FWIW, I have changes the default app (in Image Capture) to LR so that when i connect my iPhone it opens the LR import panel.  When I connect my phone I can import directly into LR.  I no longer have do this, since I have a CC Subscription, I can use LR  Mobile to automatically import through the CC sync process.  I did just test the iPhone connected to the Mac and the import process still works for me.   If you have iPhone JPGs then it should work for you too.   Please tell us in more detail how you are importing into LR.


----------



## Harmany

Thanks Cletus. I actually have Lightroom CC as noted above. have an iPhone 6s, shoot jpeg and tiff files only. I cannot use the mobile sync since I live in the country and pay for satellite internet, cloud based transfers eat up data. my iPhone tiffs are 24MB files. 

first I connected the phone to the computer, LR recognizes it, opens the import panel. With the new computer, I was able to see about 60-70% of the images as thumbnails. But when I went to download the selected images, nothing happened. LR just sat there with the activity bar for 5-10 minutes until I cancelled the import. Restarted LR in case it was feeling unhappy. imported the images with Image Capture to my computer hard drive. all looked normal. (with old computer LR just said that preview was not available for these images and never imported anything, but I could import through Image Capture).

So, with the images now transferred to the hard drive, and all visible as thumbnails, I opened LR import dialogue. Asked it to move the files to a new location (my external drive that holds pictures) and import. The thumbnails showed up in LR import box (cannot remember if all of them showed, but I think at least 80% did). Hit Import, again, nothing happened, except the bar on the top left said it was importing. 10 minutes later, still no imports. I had just imported a couple hundred files from a Nikon D810, plenty large files, no problems. At that point I gave up and sent this note. I have no idea what to do next. thanks


----------



## Harmany

oops, updated my profile, that was from years ago.


----------



## Adele

Somewhat similar problem here.  New iPhone 7, cannot import pictures into LR CC on an Mac running OSX 10.11.6.  Pictures can be imported fine from an iPhone 6.  With iPhone 7, get some import previews, others say no preview available.  Image files are jpg, png and some movies.  Press import, the bar in the main screen moves a small portion of the way across, and then stops.  Nothing happens, nothing imported.  Tried closing and reopening LR, restarting the system, changing cables, nothing works.  It is possible to import the images into the Apple Photos app and then export them to LR, but that is very time consuming.  Any thoughts on a solution?  Have not yet tried Image Capture but would prefer to go straight to LR.  Would an upgrade to Sierra solve the issue?  Many thanks for your thoughts!


----------



## Sven

Same problem here: iPhone 7 plus, Lightroom CC, macOS Sierra, everything fully up-to-date. Lightroom happily imports photos off of SD cards from my m43 camera, but fails to import from my phone. 

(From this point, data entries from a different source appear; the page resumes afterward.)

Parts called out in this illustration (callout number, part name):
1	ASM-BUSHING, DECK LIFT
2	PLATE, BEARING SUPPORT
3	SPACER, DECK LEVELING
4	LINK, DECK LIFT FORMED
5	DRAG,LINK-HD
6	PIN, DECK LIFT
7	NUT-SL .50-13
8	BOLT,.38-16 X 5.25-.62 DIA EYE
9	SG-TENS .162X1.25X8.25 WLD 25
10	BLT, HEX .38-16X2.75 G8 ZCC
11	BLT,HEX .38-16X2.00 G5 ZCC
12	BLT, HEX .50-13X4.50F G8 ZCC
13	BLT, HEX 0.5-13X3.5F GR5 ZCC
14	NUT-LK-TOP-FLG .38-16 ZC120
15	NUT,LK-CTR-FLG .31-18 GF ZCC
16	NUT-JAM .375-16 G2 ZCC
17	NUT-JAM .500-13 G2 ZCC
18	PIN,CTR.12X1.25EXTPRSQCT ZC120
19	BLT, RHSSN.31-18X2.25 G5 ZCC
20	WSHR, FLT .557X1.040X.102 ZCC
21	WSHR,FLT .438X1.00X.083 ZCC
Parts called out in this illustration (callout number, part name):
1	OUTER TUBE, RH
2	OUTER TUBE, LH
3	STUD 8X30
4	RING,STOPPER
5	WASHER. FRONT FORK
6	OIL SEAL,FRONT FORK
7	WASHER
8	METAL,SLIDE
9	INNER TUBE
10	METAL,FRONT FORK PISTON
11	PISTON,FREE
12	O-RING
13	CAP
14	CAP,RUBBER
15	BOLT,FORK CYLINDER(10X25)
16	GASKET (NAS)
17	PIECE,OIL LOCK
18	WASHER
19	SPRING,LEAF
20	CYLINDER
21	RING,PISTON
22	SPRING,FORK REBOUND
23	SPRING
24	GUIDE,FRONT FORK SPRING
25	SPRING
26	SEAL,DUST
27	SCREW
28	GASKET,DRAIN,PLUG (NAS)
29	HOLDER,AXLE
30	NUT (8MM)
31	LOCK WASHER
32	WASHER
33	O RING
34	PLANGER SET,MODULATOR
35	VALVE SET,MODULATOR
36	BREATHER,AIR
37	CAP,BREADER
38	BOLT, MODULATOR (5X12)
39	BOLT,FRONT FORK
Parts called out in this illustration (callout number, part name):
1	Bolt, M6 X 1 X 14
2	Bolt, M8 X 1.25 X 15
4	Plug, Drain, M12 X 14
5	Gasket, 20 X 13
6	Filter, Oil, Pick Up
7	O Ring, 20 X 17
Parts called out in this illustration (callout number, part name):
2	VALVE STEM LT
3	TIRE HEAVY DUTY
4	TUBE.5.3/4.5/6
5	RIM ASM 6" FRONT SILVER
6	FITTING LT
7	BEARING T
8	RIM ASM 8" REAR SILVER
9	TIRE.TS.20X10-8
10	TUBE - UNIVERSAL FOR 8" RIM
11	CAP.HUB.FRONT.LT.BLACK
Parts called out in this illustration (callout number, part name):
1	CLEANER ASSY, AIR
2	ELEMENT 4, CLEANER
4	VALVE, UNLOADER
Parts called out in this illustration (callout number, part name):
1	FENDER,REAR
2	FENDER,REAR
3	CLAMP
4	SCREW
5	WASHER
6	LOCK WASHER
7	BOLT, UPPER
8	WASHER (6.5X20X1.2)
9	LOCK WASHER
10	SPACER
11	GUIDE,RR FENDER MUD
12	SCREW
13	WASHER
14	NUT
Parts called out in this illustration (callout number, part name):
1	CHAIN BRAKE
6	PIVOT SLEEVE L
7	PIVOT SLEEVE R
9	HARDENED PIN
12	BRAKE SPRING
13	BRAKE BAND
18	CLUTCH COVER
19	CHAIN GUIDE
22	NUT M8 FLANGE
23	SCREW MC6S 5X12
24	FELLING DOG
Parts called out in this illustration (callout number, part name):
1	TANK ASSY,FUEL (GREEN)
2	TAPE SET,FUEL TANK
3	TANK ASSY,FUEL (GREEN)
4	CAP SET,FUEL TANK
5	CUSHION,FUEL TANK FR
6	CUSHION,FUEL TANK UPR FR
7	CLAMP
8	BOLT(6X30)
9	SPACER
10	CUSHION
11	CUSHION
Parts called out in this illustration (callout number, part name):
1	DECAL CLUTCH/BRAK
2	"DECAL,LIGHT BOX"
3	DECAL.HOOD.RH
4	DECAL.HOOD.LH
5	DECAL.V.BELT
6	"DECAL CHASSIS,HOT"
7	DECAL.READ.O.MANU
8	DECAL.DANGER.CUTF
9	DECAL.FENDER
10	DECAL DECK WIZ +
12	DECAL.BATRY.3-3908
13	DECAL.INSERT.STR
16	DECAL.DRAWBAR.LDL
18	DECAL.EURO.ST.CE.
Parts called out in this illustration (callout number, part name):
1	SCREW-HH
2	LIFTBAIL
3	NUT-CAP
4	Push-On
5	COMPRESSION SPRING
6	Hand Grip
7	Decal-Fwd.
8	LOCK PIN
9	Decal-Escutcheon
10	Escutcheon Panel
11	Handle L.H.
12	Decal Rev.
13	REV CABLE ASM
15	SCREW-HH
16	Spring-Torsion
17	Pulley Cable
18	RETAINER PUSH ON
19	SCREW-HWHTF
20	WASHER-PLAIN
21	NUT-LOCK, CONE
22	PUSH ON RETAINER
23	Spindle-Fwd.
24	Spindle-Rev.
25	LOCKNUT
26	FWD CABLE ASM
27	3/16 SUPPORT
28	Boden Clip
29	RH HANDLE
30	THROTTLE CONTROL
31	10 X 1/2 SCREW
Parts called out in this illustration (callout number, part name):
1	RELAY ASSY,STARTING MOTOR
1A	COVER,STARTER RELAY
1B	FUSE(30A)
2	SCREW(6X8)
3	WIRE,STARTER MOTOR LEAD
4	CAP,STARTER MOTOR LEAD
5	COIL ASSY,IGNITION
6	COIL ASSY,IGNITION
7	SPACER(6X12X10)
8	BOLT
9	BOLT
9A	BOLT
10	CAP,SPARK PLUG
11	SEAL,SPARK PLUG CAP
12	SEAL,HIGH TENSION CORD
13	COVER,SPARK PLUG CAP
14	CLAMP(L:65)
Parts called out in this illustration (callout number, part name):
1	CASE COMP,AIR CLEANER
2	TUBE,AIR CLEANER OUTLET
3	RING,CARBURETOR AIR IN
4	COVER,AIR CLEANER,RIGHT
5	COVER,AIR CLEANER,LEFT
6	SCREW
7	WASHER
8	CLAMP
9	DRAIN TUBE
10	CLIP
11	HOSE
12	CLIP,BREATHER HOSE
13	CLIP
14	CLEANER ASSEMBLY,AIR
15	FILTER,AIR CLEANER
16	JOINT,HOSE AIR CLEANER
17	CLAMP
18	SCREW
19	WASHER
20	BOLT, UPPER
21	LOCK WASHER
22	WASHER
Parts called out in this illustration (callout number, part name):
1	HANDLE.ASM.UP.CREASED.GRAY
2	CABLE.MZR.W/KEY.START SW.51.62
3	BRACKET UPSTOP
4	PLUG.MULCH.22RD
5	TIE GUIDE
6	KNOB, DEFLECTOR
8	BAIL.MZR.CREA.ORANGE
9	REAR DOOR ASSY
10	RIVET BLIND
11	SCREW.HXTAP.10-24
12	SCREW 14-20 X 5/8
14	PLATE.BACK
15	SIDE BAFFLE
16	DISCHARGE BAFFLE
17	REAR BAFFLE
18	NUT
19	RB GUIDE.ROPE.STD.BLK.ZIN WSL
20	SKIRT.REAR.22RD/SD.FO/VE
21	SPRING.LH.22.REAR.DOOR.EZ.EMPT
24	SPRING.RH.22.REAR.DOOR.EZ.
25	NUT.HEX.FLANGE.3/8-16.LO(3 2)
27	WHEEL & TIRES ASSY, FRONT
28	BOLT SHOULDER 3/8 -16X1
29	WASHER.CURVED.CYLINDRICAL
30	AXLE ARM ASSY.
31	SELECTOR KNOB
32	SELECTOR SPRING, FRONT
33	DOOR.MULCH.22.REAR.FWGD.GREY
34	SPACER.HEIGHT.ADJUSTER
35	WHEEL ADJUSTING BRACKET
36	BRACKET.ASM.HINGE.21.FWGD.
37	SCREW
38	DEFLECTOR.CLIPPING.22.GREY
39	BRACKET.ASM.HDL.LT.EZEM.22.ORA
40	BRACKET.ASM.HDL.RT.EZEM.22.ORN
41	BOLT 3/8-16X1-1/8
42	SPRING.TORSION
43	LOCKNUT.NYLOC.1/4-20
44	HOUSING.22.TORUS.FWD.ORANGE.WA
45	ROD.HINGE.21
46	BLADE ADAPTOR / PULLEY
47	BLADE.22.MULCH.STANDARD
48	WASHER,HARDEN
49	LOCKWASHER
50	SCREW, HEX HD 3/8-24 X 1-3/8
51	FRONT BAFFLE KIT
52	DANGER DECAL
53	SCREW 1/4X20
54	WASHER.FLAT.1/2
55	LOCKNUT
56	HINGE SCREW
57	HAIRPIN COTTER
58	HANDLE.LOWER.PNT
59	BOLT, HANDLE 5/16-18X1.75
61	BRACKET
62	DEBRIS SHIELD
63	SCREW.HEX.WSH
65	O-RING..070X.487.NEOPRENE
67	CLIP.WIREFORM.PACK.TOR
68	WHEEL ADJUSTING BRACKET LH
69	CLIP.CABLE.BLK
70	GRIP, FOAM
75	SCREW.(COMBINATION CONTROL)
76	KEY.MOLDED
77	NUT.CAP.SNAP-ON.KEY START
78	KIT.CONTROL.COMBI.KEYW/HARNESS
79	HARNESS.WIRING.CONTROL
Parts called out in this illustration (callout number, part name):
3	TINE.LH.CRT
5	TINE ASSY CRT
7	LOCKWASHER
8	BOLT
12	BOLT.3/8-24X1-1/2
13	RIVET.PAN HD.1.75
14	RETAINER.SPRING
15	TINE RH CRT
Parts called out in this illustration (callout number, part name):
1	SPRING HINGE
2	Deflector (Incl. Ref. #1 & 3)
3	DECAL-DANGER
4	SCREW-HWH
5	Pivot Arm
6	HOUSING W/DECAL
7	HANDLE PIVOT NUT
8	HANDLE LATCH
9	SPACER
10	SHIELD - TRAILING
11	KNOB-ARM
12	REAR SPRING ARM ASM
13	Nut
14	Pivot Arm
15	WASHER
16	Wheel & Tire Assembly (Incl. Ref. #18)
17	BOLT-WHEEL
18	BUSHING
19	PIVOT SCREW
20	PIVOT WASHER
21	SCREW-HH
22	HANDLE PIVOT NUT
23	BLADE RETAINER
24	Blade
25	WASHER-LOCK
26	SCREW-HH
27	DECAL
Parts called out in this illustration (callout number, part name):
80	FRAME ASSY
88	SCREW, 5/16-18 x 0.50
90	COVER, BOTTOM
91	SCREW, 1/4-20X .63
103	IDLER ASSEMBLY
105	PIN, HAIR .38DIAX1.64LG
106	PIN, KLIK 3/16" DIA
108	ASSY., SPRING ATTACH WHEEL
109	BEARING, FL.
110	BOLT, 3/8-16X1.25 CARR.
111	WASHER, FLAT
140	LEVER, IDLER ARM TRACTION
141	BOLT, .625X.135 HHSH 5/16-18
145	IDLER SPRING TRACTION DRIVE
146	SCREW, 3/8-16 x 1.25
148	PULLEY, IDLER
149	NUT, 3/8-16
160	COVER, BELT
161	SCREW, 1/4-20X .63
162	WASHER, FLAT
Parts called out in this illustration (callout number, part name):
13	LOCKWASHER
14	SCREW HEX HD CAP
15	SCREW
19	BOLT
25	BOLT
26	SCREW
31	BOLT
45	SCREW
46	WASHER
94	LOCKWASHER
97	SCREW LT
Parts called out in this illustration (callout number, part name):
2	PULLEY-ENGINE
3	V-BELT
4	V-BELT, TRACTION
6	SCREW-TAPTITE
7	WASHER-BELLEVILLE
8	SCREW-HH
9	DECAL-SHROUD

I've got iCloud configured to store photos locally on the phone. There are about 9k photos on there, some of which have previously been imported to Lightroom. When I plug in my phone and start a LR import it slowly populates the grid of thumbnails and hides duplicates. Sometimes some thumbnails aren't shown and I have to try again before it works, but it eventually works, and I select the unimported photos and try to start the job... and then _nothing happens. _The import progress bar immediately moves about halfway but then no further. I've let it sit like this for hours at a time but it makes no difference. I've tried selecting and importing only a single photo, but that doesn't succeed either.


----------



## LouieSherwin

I gave up on trying to us Lightroom to directly import from my iPhone a long time ago.You might want to take a look at the PhotoSync app. It works over WiFi and and keeps track of which photos are already synced. There are also some new features that work with albums created on the iPhone but I haven't looked at those yet. 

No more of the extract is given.